Pro tip: With Canvas, you can create beautiful visualizations to display real-time statistics or use it to provide a post-event summary report/infographic.
Alerting and monitoring
Last, but certainly not least, is alerting and monitoring. With many moving parts and multiple teams working to ensure that the holiday season is a success, it can be challenging or nearly impossible to continually have eyes on dashboards to ensure your systems are healthy. What can complicate things even further is having your alerts and monitoring capabilities spread out among multiple vendors that each have their own way of doing things.
The beauty of being able to ingest any kind of log data into Elasticsearch means that you can alert on all of that data in a single system. The alerts can be sent to many popular vendors, such as IBM QRadar, ServiceNow, PagerDuty, Slack, JIRA, Microsoft Teams, and more for incident management. You can easily set up a webhook to send the alerts to your own custom endpoints or simply use email, if that’s what you prefer.
Not only can you set specific thresholds to trigger alerts (for example, HTTP requests too high or too fast, CPU breached a utilization limit), but you can leverage Elasticsearch’s machine learning capabilities to automatically detect and alert your team of anomalous behavior without needing to determine what thresholds to set. Leveraging Elastic’s proprietary machine learning algorithms, you can easily detect things like temporal deviations in values or counts, sales originating from unusual geographic locations, statistical rarities, and more.
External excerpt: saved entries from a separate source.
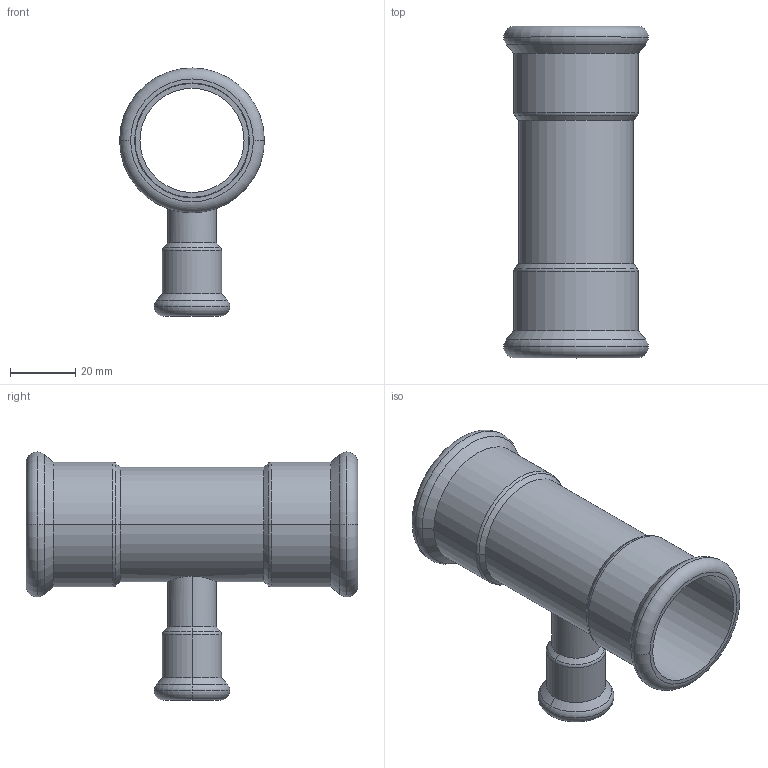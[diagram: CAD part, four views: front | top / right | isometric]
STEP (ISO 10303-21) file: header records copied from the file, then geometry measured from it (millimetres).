
FILE_DESCRIPTION(('CoCreate Modeling STEP Export'),'2;1');
FILE_NAME('C1415 35x15x35.stp','2014-11-11T17:11:07',(''),(''),'CoCreate Modeling STEP processor for AP214 (Solid Model)','CoCreate Modeling 17.00A 17-Jun-2010 (C) Parametric Technology GmbH','');
FILE_SCHEMA(('AUTOMOTIVE_DESIGN { 1 0 10303 214 1 1 1 1 }'));
Length unit declared in the file: millimetre
Products named in the file (2): C1415_35x15x35
Assembly tree (1 placements, depth 2):
  C1415_35x15x35
    C1415_35x15x35
Bounding box: 44.55 x 102 x 76.28 mm (x, y, z)
Volume: 26001.6 mm3; surface area: 28545.1 mm2
Topology: 1 solids, 1 shells, 66 faces, 133 edges, 77 vertices
Faces by surface type: cylinder 27, torus 18, cone 12, plane 9
Entity records: 2388 total; most frequent: CARTESIAN_POINT 1169, ORIENTED_EDGE 266, DIRECTION 218, EDGE_CURVE 133, AXIS2_PLACEMENT_3D 90, VERTEX_POINT 77, EDGE_LOOP 76, FACE_OUTER_BOUND 66

Help is here for the holidays
As we inch closer to Cyber Weekend and the holidays in general, it’s important to know that you don’t have to be alone in all this while preparing for the inevitable rush of traffic. This time of year is usually stressful with many moving parts and it may be too difficult for a team to find the time and resources to check off all of the boxes.
With the expertise of Elastic’s Consulting and Advisory Services teams, we’re here to help guide you along and put the right plan in place to ensure you have the insights you need for a successful holiday season. Wishing you all the best!